Fujitsu K5 Shared Services Models

In Fujitsu K5’s IaaS Platform there are many different ways of implementing a technology shared services architecture depending on your requirements. [Update: 09/03/2017] : Before we continue however, let me quickly explain what I mean by the following two terms – Control Plane & Data Plane in the context of OpenStack and Fujitsu’s K5 IaaS…

In Fujitsu K5’s IaaS Platform there are many different ways of implementing a technology shared services architecture depending on your requirements.

[Update: 09/03/2017] : Before we continue however, let me quickly explain what I mean by the following two terms – Control Plane & Data Plane in the context of OpenStack and Fujitsu’s K5 IaaS platform. Let’s imagine that you’ve been asked to build a new Exchange service for a business on K5. This service will require the following infrastructure components, a network, router, firewall and a server to host the application.

Control Plane, used by K5 Infrastructure Administrators: In order to build this infrastructure you will need access to K5’s control plane services – the API endpoints that can talk to the Keystone, Neutron and Nova services. There is no need for regular users of the final Exchange service to access this control plane.

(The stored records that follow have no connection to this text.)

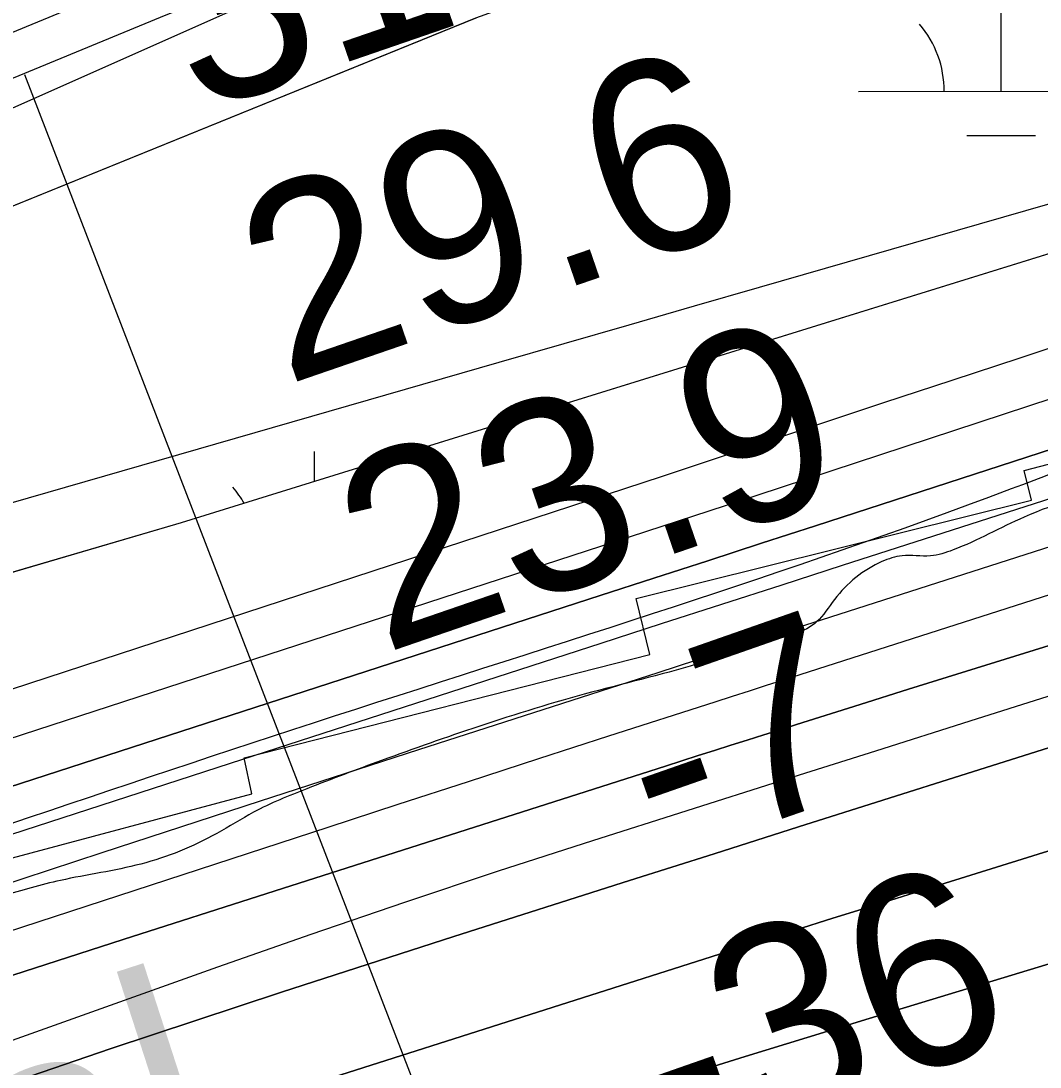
# Model space of a CAD drawing. Extents: x 3297753 to 3335611, y 652252 to 677623.
# Drawn here: x 3318935.6 to 3319292.2, y 661843.3 to 662209.6 of the extents above; entities that cross this region are included whole.
import ezdxf

# ---------------------------------------------------------------- set-up
doc = ezdxf.new("R2010")
doc.units = 0
for name, color, linetype in [('V-LEVE-TOET', 7, 'Continuous'), ('V-RIVR-EDGE', 7, 'Continuous'), ('V-RIVR-IDEN', 7, 'Continuous'), ('V-RIVR-RANG', 7, 'Continuous'), ('V-ROAD-CNTR', 7, 'Continuous'), ('V-RRAP-FSHR', 7, 'Continuous'), ('V-RRAP-RVMT', 7, 'Continuous'), ('V-SITE-VEGE', 7, 'Continuous'), ('V-TOPO-DPTH', 7, 'Continuous'), ('V-TOPO-MAJR', 7, 'Continuous'), ('V-TOPO-MINR', 7, 'Continuous'), ('V-TOPO-WATR', 7, 'Continuous'), ('V-WETL-SWMP', 7, 'Continuous')]:
    doc.layers.add(name, color=color, linetype=linetype)

msp = doc.modelspace()

# ---------------------------------------------------------------- linework, layer by layer
at = {"layer": 'V-LEVE-TOET'}
msp.add_lwpolyline([(3318303.29, 661898.61), (3318349.02, 661915.96), (3318416.47, 661939.66), (3318821.54, 662099.67), (3319094.83, 662210.73), (3319129.96, 662223.38), (3319191.2, 662248.07), (3319293.71, 662284.21), (3319389.38, 662316.49), (3319441.48, 662334.46), (3319612.36, 662385.56), (3319714.56, 662413.47), (3319826.6, 662434.88), (3320041.13, 662495.21), (3320126.4, 662524.59), (3320170.6, 662537.02), (3320215.26, 662553.61), (3320268.86, 662578.67), (3320303.13, 662598.48)], dxfattribs=at)
at = {"layer": 'V-RIVR-EDGE'}
msp.add_spline([(3319472.94, 662096.79), (3319451.36, 662084.83), (3319431.44, 662073.27), (3319412.76, 662065.44), (3319386.64, 662059.7), (3319355.13, 662056.05), (3319321.53, 662047.43), (3319286.69, 662035.91), (3319261.79, 662024.37), (3319253.91, 662022.31), (3319243.96, 662022.34), (3319236.91, 662020.28), (3319220.3, 662007.06), (3319214.06, 661999.2), (3319197.88, 661992.61), (3319174.65, 661985.21), (3319135.25, 661974.53), (3319095.84, 661962.6), (3319061.83, 661950.67), (3319035.69, 661940.78), (3319017.02, 661932.54), (3319004.15, 661925.11), (3318977.6, 661914.4), (3318949.4, 661908.67), (3318929.07, 661903.33), (3318893.41, 661894.3), (3318836.17, 661878.69), (3318802.16, 661869.66), (3318784.32, 661864.31), (3318761.1, 661859.4), (3318735.37, 661848.27), (3318707.16, 661836.32), (3318683.94, 661831.82), (3318667.77, 661829.78), (3318647.86, 661824.86), (3318612.18, 661812.51), (3318583.56, 661801.39), (3318550.78, 661789.45), (3318517.19, 661780.83), (3318486.91, 661770.55), (3318459.1, 661757.77), (3318437.11, 661748.7), (3318401.09, 661732.56), (3318376.27, 661719.66), (3318350.33, 661712.4), (3318322.69, 661702.89), (3318295.62, 661690.56), (3318275.88, 661686.66), (3318257.84, 661681.07), (3318243.73, 661673.22), (3318214.4, 661661.46), (3318180.55, 661645.76), (3318148.4, 661630.07), (3318131.47, 661619.4), (3318111.14, 661604.8), (3318079.51, 661575.01), (3318056.38, 661560.42), (3318032.66, 661542.45), (3318016.3, 661532.35), (3317961.53, 661489.66), (3317862.74, 661415.52), (3317830, 661391.93), (3317829.43, 661388.56), (3317827.16, 661382.93), (3317810.8, 661375.64), (3317785.97, 661359.92), (3317761.13, 661342.52), (3317743.62, 661322.84), (3317726.09, 661300.91), (3317708.57, 661278.97), (3317696.72, 661270.55), (3317673.58, 661255.39), (3317601.32, 661201.48), (3317560.67, 661171.71), (3317529.07, 661153.2), (3317513.82, 661140.27), (3317483.9, 661117.24), (3317464.15, 661105.46), (3317423.52, 661083.02), (3317409.43, 661079.11), (3317401.54, 661079.13), (3317375.02, 661065.67), (3317364.3, 661058.94), (3317348.5, 661051.09), (3317330.46, 661046.62), (3317307.32, 661033.16), (3317289.27, 661024.75), (3317263.88, 661012.42), (3317240.77, 661008.53), (3317230.05, 661004.05), (3317228.35, 661000.11), (3317221.59, 660998.43), (3317196.21, 660991.17), (3317170.27, 660981.66), (3317149.41, 660978.33), (3317103.16, 660960.97), (3317073.27, 660949.78), (3317034.34, 660929.59), (3316995.97, 660909.96), (3316948.02, 660886.98), (3316914.74, 660873.53), (3316885.97, 660860.65), (3316880.89, 660856.15), (3316871.29, 660848.28), (3316865.65, 660846.61), (3316855.51, 660846.63), (3316850.44, 660846.65), (3316844.22, 660840.46), (3316839.71, 660839.91), (3316835.77, 660840.48), (3316830.69, 660836.55), (3316818.84, 660828.69), (3316813.76, 660828.14), (3316808.13, 660827.03), (3316803.62, 660827.04), (3316796.84, 660818.6), (3316784.98, 660809.62), (3316774.82, 660802.88), (3316771.42, 660796.13), (3316765.18, 660779.24), (3316755.55, 660759.54), (3316745.94, 660744.35), (3316732.38, 660728.61), (3316712.63, 660717.95), (3316683.85, 660703.37), (3316676.52, 660701.13), (3316664.67, 660695.53), (3316651.68, 660680.34), (3316633.05, 660666.87), (3316616.12, 660656.2), (3316590.15, 660637.11), (3316544.42, 660603.41), (3316510, 660580.96), (3316472.73, 660551.75), (3316428.71, 660523.12), (3316390.32, 660495.6), (3316363.8, 660477.64), (3316349.69, 660469.78), (3316341.23, 660464.73), (3316335.03, 660464.75), (3316325.45, 660464.77), (3316313.61, 660461.42), (3316289.93, 660456.97), (3316257.21, 660443.53), (3316237.47, 660436.25), (3316207.01, 660423.93), (3316177.1, 660405.41), (3316154.53, 660393.07), (3316131.95, 660375.09), (3316110.5, 660362.19), (3316095.27, 660353.21), (3316080.02, 660338.03), (3316051.22, 660312.74), (3316013.92, 660270.58), (3315988.5, 660245.84), (3315960.26, 660217.18), (3315939.93, 660200.89), (3315925.81, 660185.14), (3315911.13, 660173.91), (3315895.32, 660159.86), (3315882.88, 660145.8), (3315867.63, 660130.06), (3315849.01, 660119.97), (3315837.71, 660109.29), (3315808.9, 660080.06), (3315786.88, 660062.08), (3315758.09, 660038.49), (3315733.81, 660018.83), (3315725.32, 660002.51), (3315692.01, 659976.67), (3315659.82, 659949.14), (3315603.36, 659904.2), (3315571.16, 659873.28), (3315569.47, 659873.29), (3315558.76, 659868.81), (3315547.47, 659863.2), (3315527.7, 659844.09), (3315506.25, 659828.37), (3315477.47, 659812.1), (3315461.12, 659805.94), (3315440.8, 659793.59), (3315429.5, 659781.79), (3315402.4, 659758.19), (3315361.76, 659731.8), (3315304.2, 659696.45), (3315255.66, 659666.7), (3315169.91, 659624.65), (3315140.01, 659611.76), (3315123.65, 659603.35), (3315098.82, 659588.76), (3315044.63, 659551.14), (3314989.87, 659507.33), (3314954.29, 659474.73), (3314933.97, 659462.39), (3314926.06, 659452.83), (3314915.88, 659440.45), (3314897.81, 659423.59), (3314866.75, 659396.06), (3314844.73, 659376.39), (3314848.66, 659370.75), (3314824.95, 659355.03), (3314801.82, 659342.69), (3314762.32, 659320.81), (3314730.16, 659303.42), (3314710.97, 659290.51), (3314664.68, 659256.25), (3314628.56, 659235.49), (3314603.16, 659218.09), (3314584.55, 659209.68), (3314564.82, 659208.04), (3314555.8, 659204.68), (3314546.76, 659196.25), (3314528.11, 659174.88), (3314492.47, 659118.62), (3314473.82, 659095), (3314450.67, 659074.77), (3314428.65, 659060.18), (3314423, 659054.56), (3314416.22, 659044.43), (3314398.14, 659027.57), (3314375.56, 659007.9), (3314366.53, 659005.11), (3314353.57, 659002.32), (3314347.36, 658997.27), (3314346.77, 658988.82), (3314351.26, 658983.17), (3314350.68, 658974.16), (3314342.76, 658961.78), (3314329.22, 658955.05), (3314311.71, 658940.44), (3314310, 658930.31), (3314294.2, 658921.89), (3314283.48, 658914.59), (3314276.12, 658903.91), (3314272.72, 658896.02), (3314237.73, 658871.32), (3314206.69, 658853.36), (3314198.23, 658851.13), (3314192.03, 658850.58), (3314180.19, 658846.1), (3314172.28, 658836.54), (3314164.36, 658823.6), (3314142.35, 658810.13), (3314120.89, 658792.72), (3314097.19, 658778.69), (3314086.46, 658769.14), (3314082.5, 658762.95), (3314080.22, 658754.5), (3314072.33, 658750.01), (3314036.79, 658734.32), (3314006.33, 658722), (3313997.3, 658716.39), (3313939.72, 658673.71), (3313888.34, 658634.95), (3313863.5, 658615.29), (3313820.61, 658586.66), (3313772.64, 658558.04), (3313732, 658532.78), (3313718.46, 658524.37), (3313711.13, 658521.57), (3313702.68, 658521.59), (3313693.09, 658518.79), (3313674.48, 658511.51), (3313646.82, 658494.68), (3313626.5, 658478.95), (3313619.73, 658475.02), (3313610.12, 658464.34), (3313605.01, 658449.14), (3313597.11, 658444.65), (3313577.92, 658428.92), (3313554.76, 658407.56), (3313537.8, 658387.32), (3313525.35, 658364.25), (3313506.11, 658331.61), (3313489.72, 658309.68)], degree=3, dxfattribs=at)
at = {"layer": 'V-RIVR-RANG'}
msp.add_line((3318936.86, 662190.84), (3319253.77, 661369.88), dxfattribs=at)
at = {"layer": 'V-ROAD-CNTR'}
for points in [[(3321568.73, 662977.49), (3321346.43, 662923.6), (3321117.31, 662886.81), (3320965.64, 662851.42), (3320763.17, 662805.32), (3320677.25, 662784.43), (3320385.14, 662662.08), (3320181.21, 662592.85), (3319962.17, 662515.65), (3319741.75, 662454.28), (3319300.09, 662334.9), (3318986.34, 662211.61), (3318449.18, 661989.82), (3318047.95, 661827.99), (3317754.12, 661711.39), (3317613.9, 661664.2), (3317371.32, 661555.92)], [(3320379.83, 662676.12), (3320176.31, 662607.03), (3319957.66, 662529.97), (3319737.78, 662468.74), (3319295.37, 662349.16), (3318980.74, 662225.53), (3318443.51, 662003.71), (3318042.38, 661841.92), (3317748.96, 661725.48), (3317608.43, 661678.19), (3317360.57, 661567.55), (3316952.79, 661401.12), (3316934.4, 661396.42)]]:
    msp.add_lwpolyline(points, dxfattribs=at)
at = {"layer": 'V-RRAP-FSHR'}
msp.add_spline([(3320150.09, 662315.57), (3320047.66, 662286.07), (3319931.17, 662251.44), (3319796.75, 662213.62), (3319527.39, 662140.55), (3319274.19, 662042.74), (3319037.81, 661963.73), (3318810.27, 661886.82), (3318640.56, 661831.26), (3318442.36, 661771.51), (3318223.46, 661674.42), (3318125.37, 661625.89), (3317894.87, 661465.55), (3317737.05, 661336.67), (3317612.9, 661222.68), (3317433.81, 661109.89), (3317347.16, 661063.4), (3317219.78, 661006.27), (3317048.57, 660941.68), (3316920.5, 660895.56), (3316802.75, 660835.25), (3316727.52, 660743.33), (3316559.69, 660646.41), (3316447.95, 660562.27), (3316323.7, 660479.21), (3316253.56, 660449.94), (3316120.17, 660384.24), (3315999.77, 660284.17), (3315912.51, 660202.12), (3315858.05, 660160.36)], degree=3, dxfattribs=at)
at = {"layer": 'V-RRAP-RVMT'}
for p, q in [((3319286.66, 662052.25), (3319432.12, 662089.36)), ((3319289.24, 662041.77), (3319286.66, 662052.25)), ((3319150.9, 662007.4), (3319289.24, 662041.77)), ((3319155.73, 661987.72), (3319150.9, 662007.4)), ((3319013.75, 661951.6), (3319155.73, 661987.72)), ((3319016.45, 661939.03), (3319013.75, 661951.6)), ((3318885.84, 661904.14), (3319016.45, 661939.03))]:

Data Plane, used by the end users of the service: Once the infrastructure has been built the Exchange administrator and end users will access the new server/services over the data plane – effectively they will talk to the new server directly through it’s virtualised interface.

K5 Shared Services Model – Without Control Plane User Isolation

The simplest design would be to put all of your instances into a single project and use security groups, and optionally multiple subnets, to provide data plane isolation or more correctly termed traffic segmentation. Obviously you can still also use the standard Operating System authentication mechanisms to control access to the virtual instances themselves.

Security Groups

One of the key components to the above solution is Security Groups. A security group in OpenStack is a mechanism for controlling all ingress and egress traffic flows on an interface (port) by interface (port) basis. A security group can contain multiple rules each defining the IP address range, Protocols and Direction of network traffic permitted. In a shared service model where server A and server B are to be isolated but both can talk to a third server C – security groups provide this isolation. Multiple security groups can also be attached to a single interface to build up the ruleset.

dataplaneisolation

However, the drawback of this model is that the control plane project administrator has access to all the resources.

K5 Shared Services Model – With both Data Plane & Control Plane User Isolation

If you would like to ensure isolation at both the control plane and the data plane layers for your resources then this can be achieved by using the above architecture combined with role based access control, multiple projects and another of Fujitsu K5’s capabilities Inter-Project Routing.

Role Based Access Control (RBAC)

The Fujitsu K5 platform leverages OpenStack’s Keystone project to provide Role Based Access Control for users within a Contract (or Domain in native OpenStack terms). You can have control plane administrators defined on a project by project basis. This gives you the capability to spread your resources (virtual machines, networks, etc.) across multiple Projects and define which users have administrative access to these resources in the control plane.

Inter-Project Routing

The clue is in the title here, this feature of K5 allows you to route between networks in different projects within the same Contract.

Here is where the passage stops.